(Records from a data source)
⁂

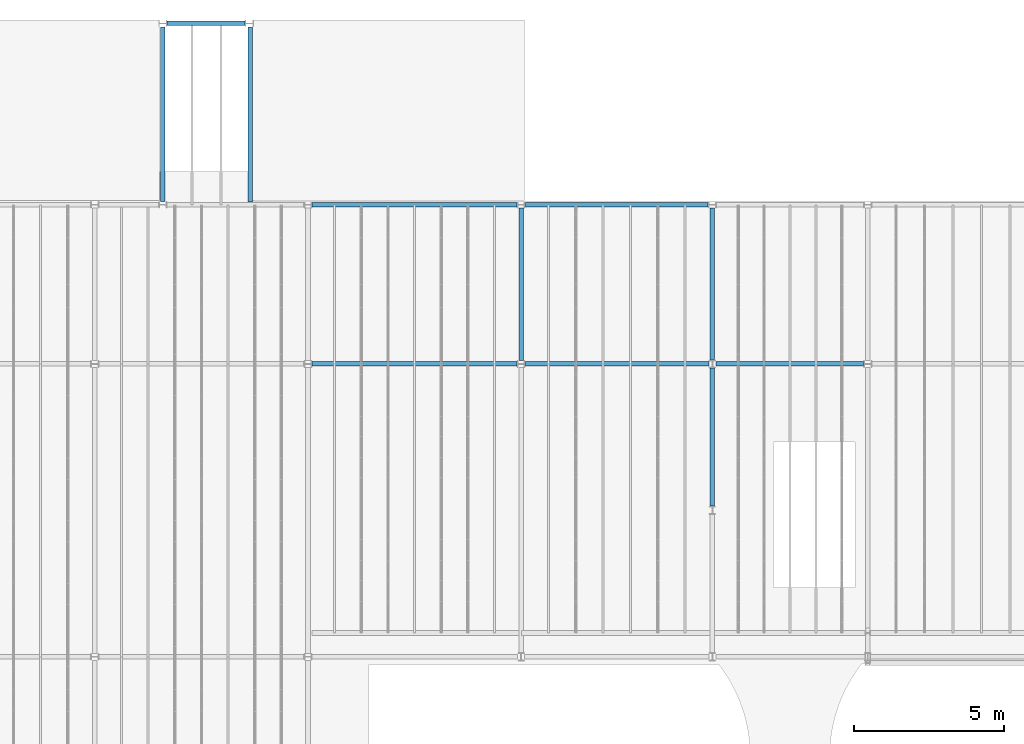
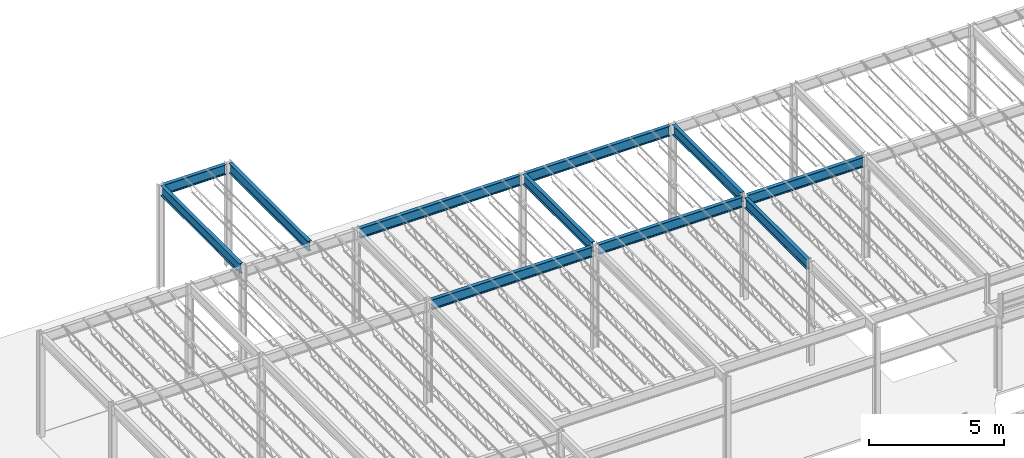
# One storey, part 17 of 119: 11 beams.
"""IFC2X3 building model written with IfcOpenShell, lengths in metres."""

import ifcopenshell
import ifcopenshell.guid

model = None  # the IFC model being written
_history = None  # IfcOwnerHistory: only IFC2X3 demands one
_inside = {}  # id of a spatial element -> (the spatial element, [elements in it])
_under = {}  # id of a project, library or spatial element -> (it, [spatial elements below it])
_declared = {}  # id of a project -> (the project, [libraries it declares])
_typed = {}  # id of a type object -> (the type object, [elements of that type])
_made_of = {}  # id of a material, layer set ... -> (it, [elements and type objects made of it])


def new_model(schema):
    """Start an empty IFC model of exactly this schema.

    Asked for "IFC4X3", IfcOpenShell would pick the latest addendum, in which some entities
    have other attributes; the version numbers below select the first issue.
    IFC2X3 requires an IfcOwnerHistory on every rooted entity: one is made here for all.
    """
    global model, _history
    if schema == "IFC4X3":
        model = ifcopenshell.file(schema_version=(4, 3, 0, 0))
    else:
        model = ifcopenshell.file(schema=schema)
    _inside.clear()
    _under.clear()
    _declared.clear()
    _typed.clear()
    _made_of.clear()
    _history = None
    if model.schema == "IFC2X3":
        org = make("IfcOrganization", Name="unknown")
        user = make(
            "IfcPersonAndOrganization",
            ThePerson=make("IfcPerson", FamilyName="unknown"),
            TheOrganization=org,
        )
        app = make(
            "IfcApplication",
            ApplicationDeveloper=org,
            Version="unknown",
            ApplicationFullName="unknown",
            ApplicationIdentifier="unknown",
        )
        _history = make(
            "IfcOwnerHistory",
            OwningUser=user,
            OwningApplication=app,
            ChangeAction="ADDED",
            CreationDate=0,
        )
    return model


def make(cls, **values):
    """One entity of the class cls with the attributes given. An attribute that is None is left unset."""
    return model.create_entity(
        cls, **{name: value for name, value in values.items() if value is not None}
    )


def entity(cls, *values):
    """Any entity or typed value of the class cls, its attributes in the order of the schema. None: left unset."""
    e = model.create_entity(cls)
    for i, value in enumerate(values):
        if value is not None:
            e[i] = value
    return e


def rooted(cls, **values):
    """An entity with a GlobalId (a new one), such as an element, a storey or a relation."""
    return make(cls, GlobalId=ifcopenshell.guid.new(), OwnerHistory=_history, **values)


def si_unit(unit_type, name, prefix=None):
    """IfcSIUnit, for example si_unit("LENGTHUNIT", "METRE", prefix="MILLI")."""
    return make("IfcSIUnit", UnitType=unit_type, Prefix=prefix, Name=name)


def converted_unit(unit_type, name, factor, base, dimensions=None, offset=None):
    """IfcConversionBasedUnit, such as the inch: factor (a typed value) times the base unit."""
    return make(
        "IfcConversionBasedUnit"
        if offset is None
        else "IfcConversionBasedUnitWithOffset",
        ConversionOffset=offset,
        Dimensions=None
        if dimensions is None
        else entity("IfcDimensionalExponents", *dimensions),
        UnitType=unit_type,
        Name=name,
        ConversionFactor=make(
            "IfcMeasureWithUnit", ValueComponent=factor, UnitComponent=base
        ),
    )


def assignment(units):
    """IfcUnitAssignment: the units of a project."""
    return None if units is None else make("IfcUnitAssignment", Units=units)


def point(xyz):
    """IfcCartesianPoint."""
    return None if xyz is None else make("IfcCartesianPoint", Coordinates=xyz)


def direction(xyz):
    """IfcDirection."""
    return None if xyz is None else make("IfcDirection", DirectionRatios=xyz)


def frame(location, z_axis=None, x_axis=None):
    """IfcAxis2Placement3D, a coordinate frame: its origin and axes. An axis left out is left unset."""
    return make(
        "IfcAxis2Placement3D",
        Location=point(location),
        Axis=direction(z_axis),
        RefDirection=direction(x_axis),
    )


def frame_2d(location, x_axis=None):
    """IfcAxis2Placement2D, a coordinate frame in the plane: its origin and x axis."""
    return make(
        "IfcAxis2Placement2D", Location=point(location), RefDirection=direction(x_axis)
    )


def origin():
    """The frame at (0, 0, 0) with its axes left unset."""
    return frame((0.0, 0.0, 0.0))


def place(relative_to, where):
    """IfcLocalPlacement: puts the frame where relative to a parent placement (None: the world)."""
    return make(
        "IfcLocalPlacement", PlacementRelTo=relative_to, RelativePlacement=where
    )


def context(
    kind, dimensions, precision=None, world=None, true_north=None, identifier=None
):
    """IfcGeometricRepresentationContext, for example the 3D "Model" context."""
    return make(
        "IfcGeometricRepresentationContext",
        ContextIdentifier=identifier,
        ContextType=kind,
        CoordinateSpaceDimension=dimensions,
        Precision=precision,
        WorldCoordinateSystem=world,
        TrueNorth=true_north,
    )


def project(units=None, contexts=None):
    """IfcProject with its units and contexts."""
    return rooted(
        "IfcProject",
        Name="project",
        RepresentationContexts=contexts,
        UnitsInContext=assignment(units),
    )


def spatial(cls, under=None, at=None, **own):
    """A site, building, storey or space (cls), placed at a placement, below another one or the project."""
    s = rooted(cls, ObjectPlacement=at, **own)
    if under is not None:
        _under.setdefault(under.id(), (under, []))[1].append(s)
    return s


def polyline(points):
    """IfcPolyline through the points."""
    return make("IfcPolyline", Points=[point(p) for p in points])


def circle_curve(where, radius):
    """IfcCircle in the frame where."""
    return make("IfcCircle", Position=where, Radius=radius)


def parameter(value):
    """IfcParameterValue: where a trimmed curve begins or ends, as a parameter of its basis curve."""
    return model.create_entity("IfcParameterValue", value)


def trimmed(basis, trim1, trim2, sense, master):
    """IfcTrimmedCurve: the piece of a basis curve between two trims."""
    return make(
        "IfcTrimmedCurve",
        BasisCurve=basis,
        Trim1=trim1,
        Trim2=trim2,
        SenseAgreement=sense,
        MasterRepresentation=master,
    )


def segment(curve, same_sense, transition):
    """IfcCompositeCurveSegment."""
    return make(
        "IfcCompositeCurveSegment",
        Transition=transition,
        SameSense=same_sense,
        ParentCurve=curve,
    )


def composite_curve(segments, self_intersect=None):
    """IfcCompositeCurve: segments joined end to end."""
    return make("IfcCompositeCurve", Segments=segments, SelfIntersect=self_intersect)


def outline(outer, holes=None, kind="AREA"):
    """IfcArbitraryClosedProfileDef: a profile drawn as a closed curve; with holes, ...WithVoids."""
    if holes is None:
        return make("IfcArbitraryClosedProfileDef", ProfileType=kind, OuterCurve=outer)
    return make(
        "IfcArbitraryProfileDefWithVoids",
        ProfileType=kind,
        OuterCurve=outer,
        InnerCurves=holes,
    )


def extrude(swept, where, along, depth):
    """IfcExtrudedAreaSolid: the profile swept, set in the frame where, extruded along a direction by depth."""
    return make(
        "IfcExtrudedAreaSolid",
        SweptArea=swept,
        Position=where,
        ExtrudedDirection=direction(along),
        Depth=depth,
    )


def shape(context_of_items, identifier, shape_type, items):
    """IfcShapeRepresentation: the items that make up one representation, for example the "Body"."""
    return make(
        "IfcShapeRepresentation",
        ContextOfItems=context_of_items,
        RepresentationIdentifier=identifier,
        RepresentationType=shape_type,
        Items=items,
    )


def material(Name=None, Category=None):
    """IfcMaterial."""
    return make("IfcMaterial", Name=Name, Category=Category)


def made_of(thing, what):
    """Note that an element or type object is made of a material, layer set ...; save() writes the relation."""
    if what is not None:
        _made_of.setdefault(what.id(), (what, []))[1].append(thing)
    return thing


def element(
    cls,
    number,
    at=None,
    inside=None,
    cuts=None,
    type_object=None,
    material=None,
    context=None,
    identifier="Body",
    shape_type=None,
    held_by="IfcProductDefinitionShape",
    body=None,
    shapes=None,
    **own,
):
    """One element of the class cls, such as IfcWall. Its Tag is "e" and its number.

    at: its placement. inside: the storey or other place that contains it. cuts: it is an
    opening in that element (IfcRelVoidsElement). A single representation is given by context,
    identifier, shape_type and body (its items); several are given by shapes. held_by: the class
    of the entity that holds the representations. save() writes the other relations.
    """
    e = rooted(cls, Tag="e%d" % number, ObjectPlacement=at, **own)
    if body is not None:
        shapes = [shape(context, identifier, shape_type, body)]
    if shapes is not None:
        e.Representation = make(held_by, Representations=shapes)
    if inside is not None:
        _inside.setdefault(inside.id(), (inside, []))[1].append(e)
    if cuts is not None:
        rooted(
            "IfcRelVoidsElement", RelatingBuildingElement=cuts, RelatedOpeningElement=e
        )
    if type_object is not None:
        _typed.setdefault(type_object.id(), (type_object, []))[1].append(e)
    return made_of(e, material)


def aggregate(whole, parts):
    """IfcRelAggregates: a whole, such as a stair, and the parts it consists of."""
    return rooted("IfcRelAggregates", RelatingObject=whole, RelatedObjects=parts)


def save(model, path):
    """Write the relations noted so far, then the file.

    IfcRelAggregates (storeys below a building ...), IfcRelContainedInSpatialStructure (elements
    in a storey), IfcRelDefinesByType, IfcRelAssociatesMaterial and IfcRelDeclares: one each for
    every whole, place, type object, material and project.
    """
    for whole, parts in _under.values():
        aggregate(whole, parts)
    for where, things in _inside.values():
        rooted(
            "IfcRelContainedInSpatialStructure",
            RelatedElements=things,
            RelatingStructure=where,
        )
    for kind, things in _typed.values():
        rooted("IfcRelDefinesByType", RelatedObjects=things, RelatingType=kind)
    for what, things in _made_of.values():
        rooted("IfcRelAssociatesMaterial", RelatedObjects=things, RelatingMaterial=what)
    for by, libraries in _declared.values():
        rooted("IfcRelDeclares", RelatingContext=by, RelatedDefinitions=libraries)
    model.write(path)


model = new_model("IFC2X3")

# Units and contexts
model_context = context("Model", 3, precision=1e-09, world=origin())
plan_context = context("Plan", 3, precision=1e-09, world=origin())
ifc_project = project(units=[si_unit("LENGTHUNIT", "METRE"), si_unit("AREAUNIT", "SQUARE_METRE"), si_unit("VOLUMEUNIT", "CUBIC_METRE"), converted_unit("PLANEANGLEUNIT", "DEGREE", entity("IfcRatioMeasure", 0.01745329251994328), si_unit("PLANEANGLEUNIT", "RADIAN"), dimensions=[0, 0, 0, 0, 0, 0, 0]), si_unit("TIMEUNIT", "SECOND")], contexts=[model_context, plan_context])

# Site, building, storey
site_placement = place(None, origin())
site = spatial("IfcSite", under=ifc_project, at=site_placement, Name="Default", CompositionType="ELEMENT")
building_placement = place(site_placement, origin())
building = spatial("IfcBuilding", under=site, at=building_placement, CompositionType="ELEMENT")
storey_placement = place(building_placement, frame((0.0, 0.0, 4.570000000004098)))
storey = spatial("IfcBuildingStorey", under=building, at=storey_placement, Name="Second Floor", CompositionType="ELEMENT", Elevation=4.570000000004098)

# Beams
ifc_material = material(Name="Metal - Steel - 345 MPa")
beam_1_placement = place(storey_placement, frame((-35.47950959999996, 50.24552240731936, 4.679999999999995)))
element("IfcBeam", 1, at=beam_1_placement, inside=storey, material=ifc_material, Name="M_W-Wide Flange:W460X60:W460X60", ObjectType="M_W-Wide Flange:W460X60", context=model_context, shape_type="SweptSolid", body=[
    extrude(outline(composite_curve([segment(polyline([(-0.07649999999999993, -0.2142000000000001), (-0.07649999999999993, -0.2275000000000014)]), True, "CONTINUOUS"), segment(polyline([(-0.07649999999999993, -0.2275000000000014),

⁂

REQUIRED WORK: Which lines in the data above hold the word "outline"? Return each of them.

REPLY:
def outline(outer, holes=None, kind="AREA"):
    extrude(outline(composite_curve([segment(polyline([(-0.07649999999999993, -0.2142000000000001), (-0.07649999999999993, -0.2275000000000014)]), True, "CONTINUOUS"), segment(polyline([(-0.07649999999999993, -0.2275000000000014),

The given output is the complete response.